# bad flea problem!!



## Noel (May 24, 2008)

my dog has a pretty bad flea problem. 
every week and a half i will give my dog a flea bath. it doesnt even work for a day. the day after i give her the flea bath, i run the flea comb over and, and i see fleas, and flea dirt and A LOT of it in the flea comb. i have to comb her every single day now.

i used to have her on flea meds, and that didnt work at all, either. i had her on k-9 advantix. they didnt work. a couple days after i put the flea meds, i would run the flea comb over her, and get a whole bunch on fleas/flea dirt. 
i did continue to give her a bath, but i used regular dog shampoo. it was the kind that didnt wash flea meds off. 

i even tried giving her flea meds twice a month and that didnt help either. she has a pretty dense coat, and we live in florida, so that doesnt help the matter at all. 

does anyone have any advice???


----------



## Lovin'Dawgs (May 22, 2008)

You're infested. No matter what you do, if you don't get all the bedding, the carpeting, the yard, and perhaps even the car, you won't get anywhere.
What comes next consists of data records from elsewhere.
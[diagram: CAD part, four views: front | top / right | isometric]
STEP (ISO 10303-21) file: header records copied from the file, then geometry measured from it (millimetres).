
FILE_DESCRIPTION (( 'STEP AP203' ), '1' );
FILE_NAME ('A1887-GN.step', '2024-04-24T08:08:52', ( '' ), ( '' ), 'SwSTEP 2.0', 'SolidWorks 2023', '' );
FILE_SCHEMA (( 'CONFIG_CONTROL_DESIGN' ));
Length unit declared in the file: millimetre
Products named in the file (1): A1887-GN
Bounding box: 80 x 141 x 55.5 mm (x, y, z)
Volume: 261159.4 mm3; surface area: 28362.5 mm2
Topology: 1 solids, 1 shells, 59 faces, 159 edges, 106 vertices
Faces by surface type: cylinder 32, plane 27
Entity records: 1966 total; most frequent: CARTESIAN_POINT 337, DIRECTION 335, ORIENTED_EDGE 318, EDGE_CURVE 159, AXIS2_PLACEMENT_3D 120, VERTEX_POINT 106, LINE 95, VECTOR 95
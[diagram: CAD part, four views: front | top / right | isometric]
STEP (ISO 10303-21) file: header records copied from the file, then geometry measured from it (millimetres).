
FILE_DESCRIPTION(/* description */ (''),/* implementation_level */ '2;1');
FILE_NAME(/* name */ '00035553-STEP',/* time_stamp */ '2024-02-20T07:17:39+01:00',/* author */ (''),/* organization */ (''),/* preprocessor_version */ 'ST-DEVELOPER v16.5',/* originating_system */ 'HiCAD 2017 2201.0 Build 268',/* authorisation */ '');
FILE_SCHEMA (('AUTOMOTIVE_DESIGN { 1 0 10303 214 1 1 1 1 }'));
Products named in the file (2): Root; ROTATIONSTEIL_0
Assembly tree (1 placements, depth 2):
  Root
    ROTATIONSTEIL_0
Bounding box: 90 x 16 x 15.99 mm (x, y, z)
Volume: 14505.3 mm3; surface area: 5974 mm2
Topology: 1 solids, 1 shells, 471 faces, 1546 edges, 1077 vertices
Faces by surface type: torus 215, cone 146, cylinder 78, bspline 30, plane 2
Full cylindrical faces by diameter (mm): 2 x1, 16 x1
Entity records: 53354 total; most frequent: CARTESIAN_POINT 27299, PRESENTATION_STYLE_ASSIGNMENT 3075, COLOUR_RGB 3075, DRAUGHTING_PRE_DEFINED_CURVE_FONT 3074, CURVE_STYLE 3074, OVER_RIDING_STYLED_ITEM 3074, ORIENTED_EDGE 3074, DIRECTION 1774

The meds probably are working but they only kill as the dog is bitten so as one or two die, more jump on from the bedding and such. 

There are a couple of options. For anything that will fit in the wash, wash it on hot and dry on hot. For things not washable, dust it well with SEVIN dust, top, bottom and so on. If you have things like pillows that have fluff in the middle, toss 'em, the fleas and eggs will be down in too deep for a dusting to work. Either get a pro to come and spray your carpeting and yard or use liquid SEVIN or better yet diazinon spray.

Now after you do all of this, dust your dog with SEVIN, very safe. 

Then repeat this whole process, every week for four weeks to get all the baby fleas that are going to be hatching.

Infestations are a hassle to say the least. Perhaps calling an exterminator first would be a good idea, they may have a program for flea infestation that will take care of it all for you. 

Either way, don't use double meds, that's really bad for the pet. Also get rid of any infested bedding and get some that can be thrown into the washer on a regular basis


----------



## Graco22 (Jul 16, 2007)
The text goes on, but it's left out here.